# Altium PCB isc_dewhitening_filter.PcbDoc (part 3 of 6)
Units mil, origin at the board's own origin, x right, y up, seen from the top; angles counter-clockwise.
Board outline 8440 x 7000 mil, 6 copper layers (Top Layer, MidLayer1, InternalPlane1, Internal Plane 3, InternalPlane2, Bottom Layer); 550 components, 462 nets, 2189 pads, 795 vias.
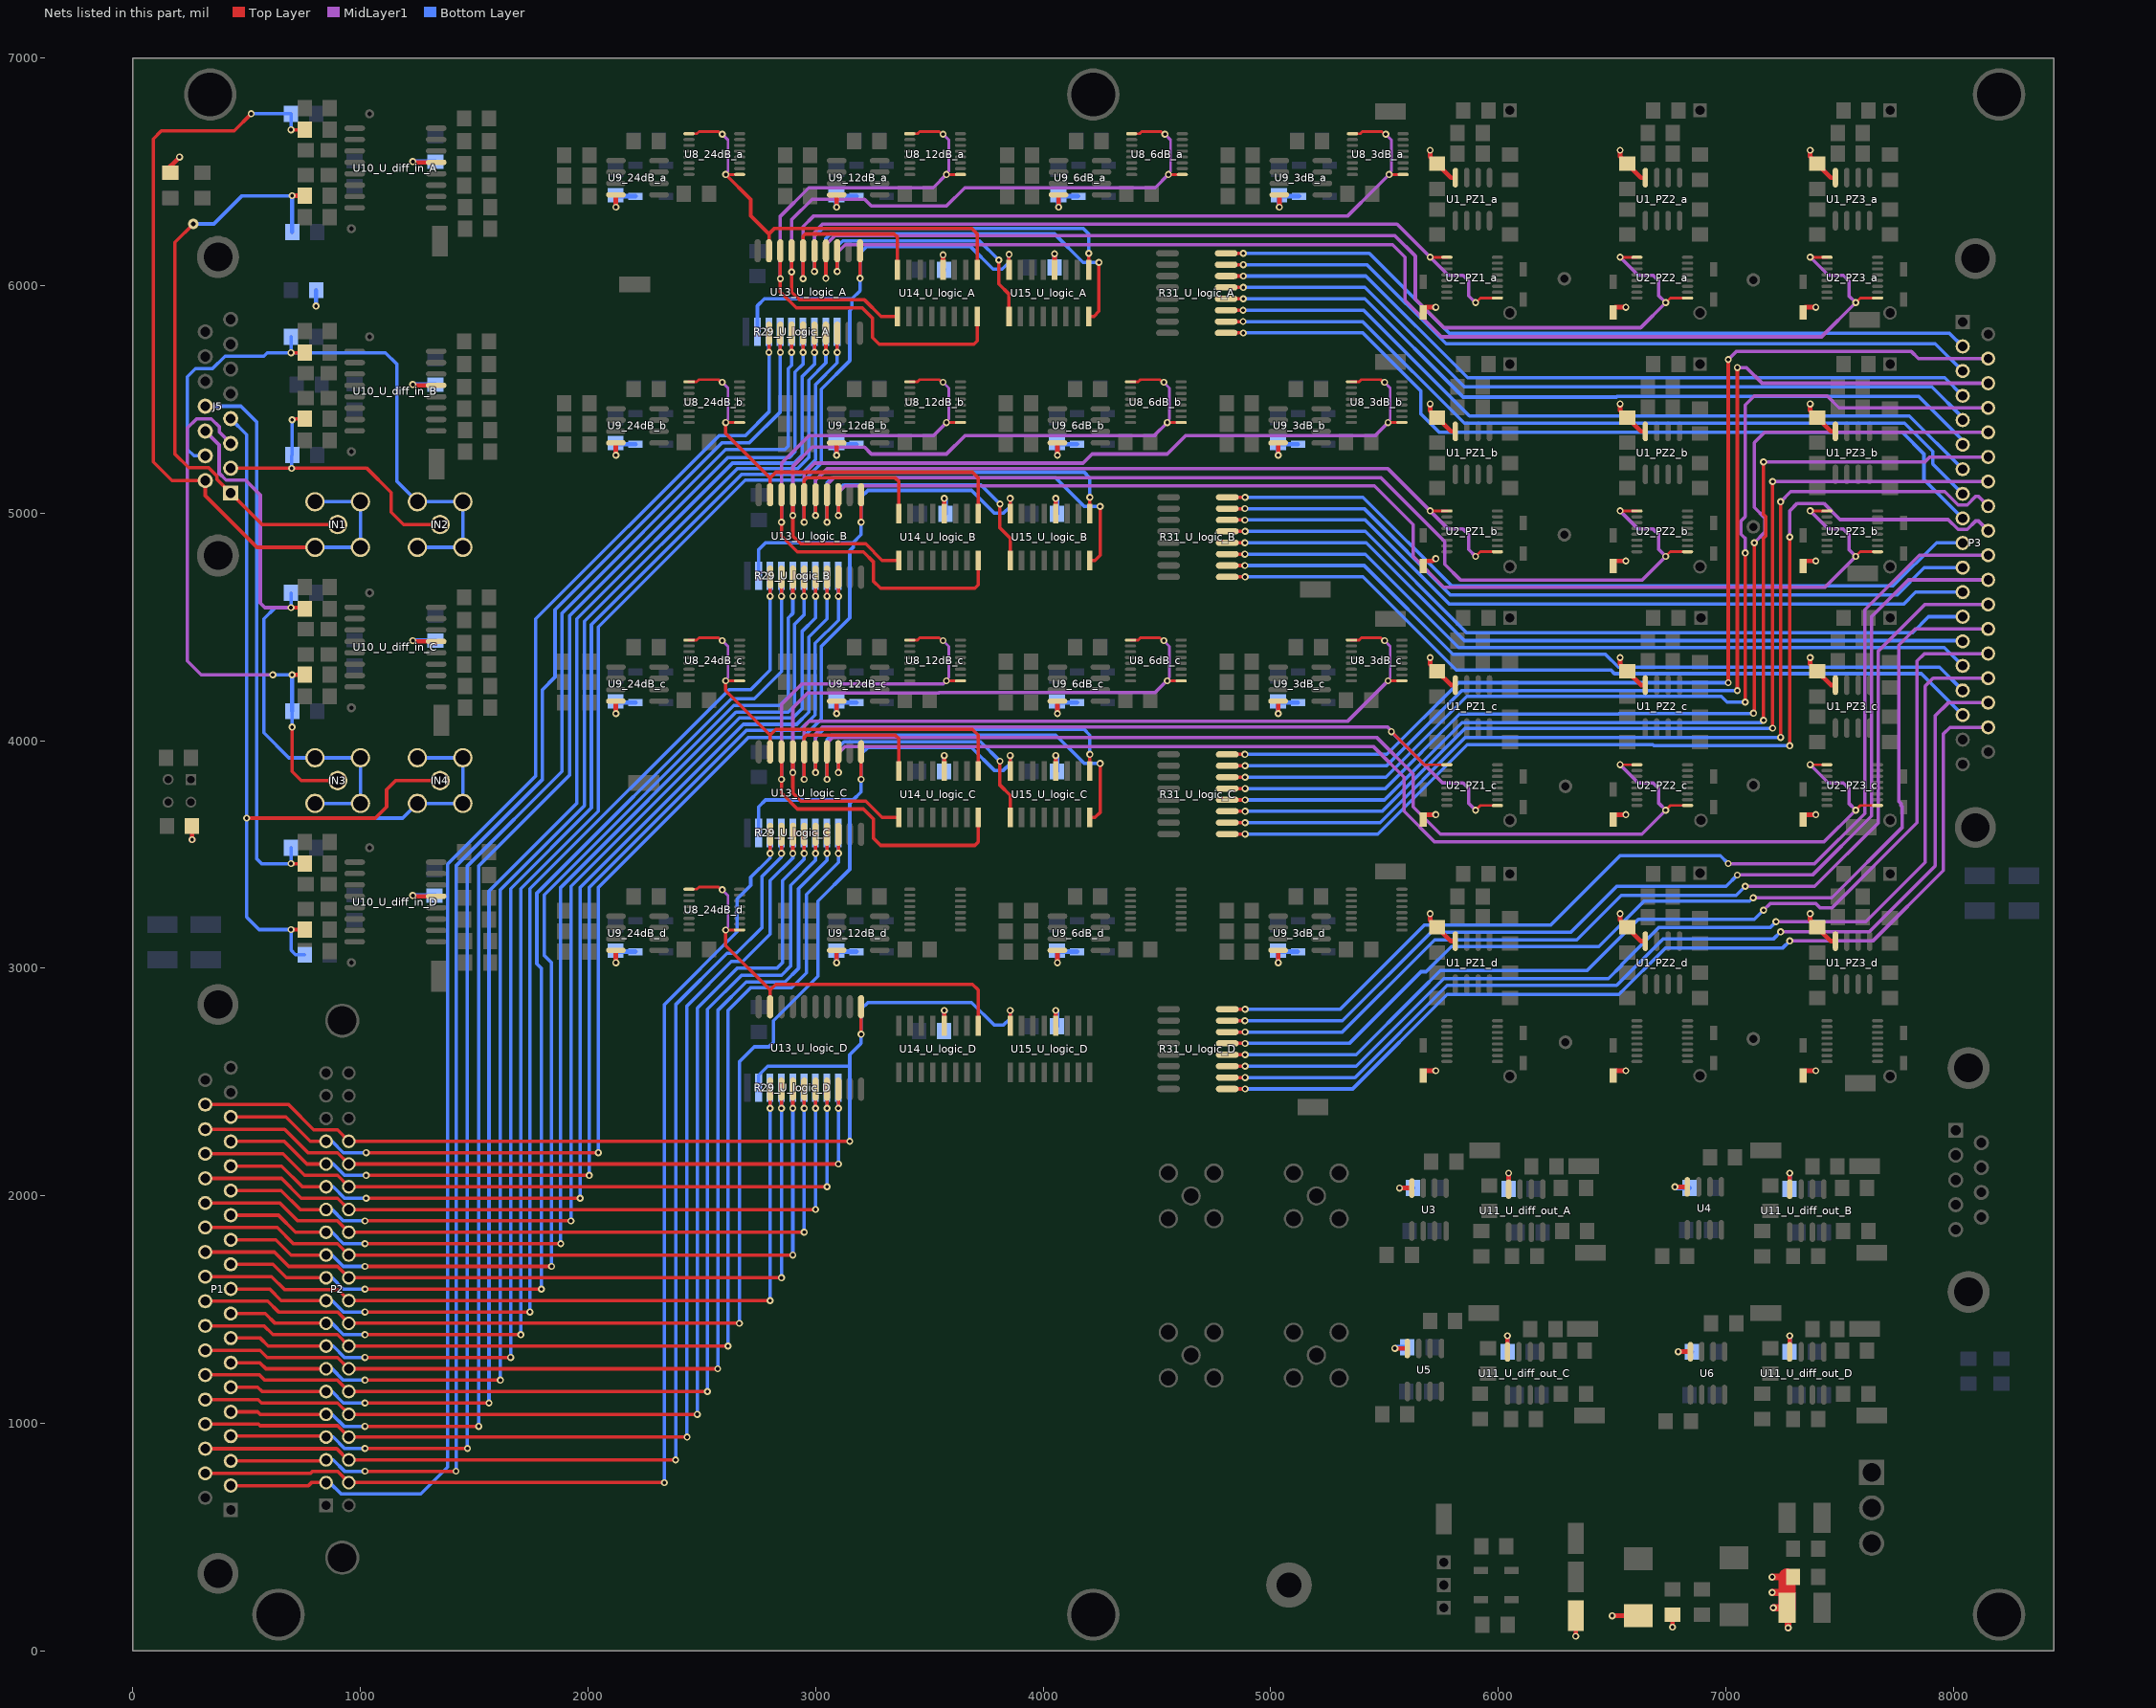
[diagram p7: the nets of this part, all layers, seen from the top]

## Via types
v1: diameter 31, hole 16, Top Layer to Bottom Layer, 794 vias
v2: diameter 45, hole 20, Top Layer to Bottom Layer, 1 vias

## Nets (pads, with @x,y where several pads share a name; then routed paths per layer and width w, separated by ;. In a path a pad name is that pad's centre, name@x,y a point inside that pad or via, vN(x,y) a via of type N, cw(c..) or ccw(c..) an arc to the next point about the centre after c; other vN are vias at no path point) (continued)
-15: C1_PZ1_a.2 C1_PZ1_b.2 C1_PZ1_c.2 C1_PZ1_d.2 C1_PZ2_a.2 C1_PZ2_b.2 C1_PZ2_c.2 C1_PZ2_d.2 C1_PZ3_a.2 C1_PZ3_b.2 C1_PZ3_c.2 C1_PZ3_d.2 C6.2 C9.2 C12.2 C15.2 C22.1 C23.2 C24_3dB_a.2 C24_3dB_b.2 C24_3dB_c.2 C24_3dB_d.2 C24_6dB_a.2 C24_6dB_b.2 C24_6dB_c.2 C24_6dB_d.2 C24_12dB_a.2 C24_12dB_b.2 C24_12dB_c.2 C24_12dB_d.2 C24_24dB_a.2 C24_24dB_b.2 C24_24dB_c.2 C24_24dB_d.2 C29_U_diff_in_A.1 C29_U_diff_in_B.1 C29_U_diff_in_C.1 C29_U_diff_in_D.1 C31_U_diff_out_A.1 C31_U_diff_out_B.1 C31_U_diff_out_C.1 C31_U_diff_out_D.1 C32_U_logic_A.2 C32_U_logic_B.2 C32_U_logic_C.2 C32_U_logic_D.2 C36_U_logic_A.2 C36_U_logic_B.2 C36_U_logic_C.2 C36_U_logic_D.2 D1_PZ1_a.2 D1_PZ1_b.2 D1_PZ1_c.2 D1_PZ1_d.2 D1_PZ2_a.2 D1_PZ2_b.2 D1_PZ2_c.2 D1_PZ2_d.2 D1_PZ3_a.2 D1_PZ3_b.2 D1_PZ3_c.2 D1_PZ3_d.2 D6_3dB_a.2 D6_3dB_b.2 D6_3dB_c.2 D6_3dB_d.2 D6_6dB_a.2 D6_6dB_b.2 D6_6dB_c.2 D6_6dB_d.2 D6_12dB_a.2 D6_12dB_b.2 D6_12dB_c.2 D6_12dB_d.2 D6_24dB_a.2 D6_24dB_b.2 D6_24dB_c.2 D6_24dB_d.2 L2.2 R8.2 R9.2 R36.1 R39.2 TP6.1 U1_PZ1_a.4 U1_PZ1_b.4 U1_PZ1_c.4 U1_PZ1_d.4 U1_PZ2_a.4 U1_PZ2_b.4 U1_PZ2_c.4 U1_PZ2_d.4 U1_PZ3_a.4 U1_PZ3_b.4 U1_PZ3_c.4 U1_PZ3_d.4 U3.4 U4.4 U5.4 U6.4 U9_3dB_a.4 U9_3dB_b.4 U9_3dB_c.4 U9_3dB_d.4 U9_6dB_a.4 U9_6dB_b.4 U9_6dB_c.4 U9_6dB_d.4 U9_12dB_a.4 U9_12dB_b.4 U9_12dB_c.4 U9_12dB_d.4 U9_24dB_a.4 U9_24dB_b.4 U9_24dB_c.4 U9_24dB_d.4 U10_U_diff_in_A.13 U10_U_diff_in_B.13 U10_U_diff_in_C.13 U10_U_diff_in_D.13 U11_U_diff_out_A.4 U11_U_diff_out_B.4 U11_U_diff_out_C.4 U11_U_diff_out_D.4 U14_U_logic_A.4 U14_U_logic_B.4 U14_U_logic_C.4 U14_U_logic_D.4 U15_U_logic_A.4 U15_U_logic_B.4 U15_U_logic_C.4 U15_U_logic_D.4 | length 9805.2
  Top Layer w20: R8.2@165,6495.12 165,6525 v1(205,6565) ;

== HOW TO COMPLETE THIS TASK ==
Each line that holds the string "part" is to be copied from the entries above.

== OUTPUT OF THE EXERCISE ==
# Altium PCB isc_dewhitening_filter.PcbDoc (part 3 of 6)
[diagram p7: the nets of this part, all layers, seen from the top]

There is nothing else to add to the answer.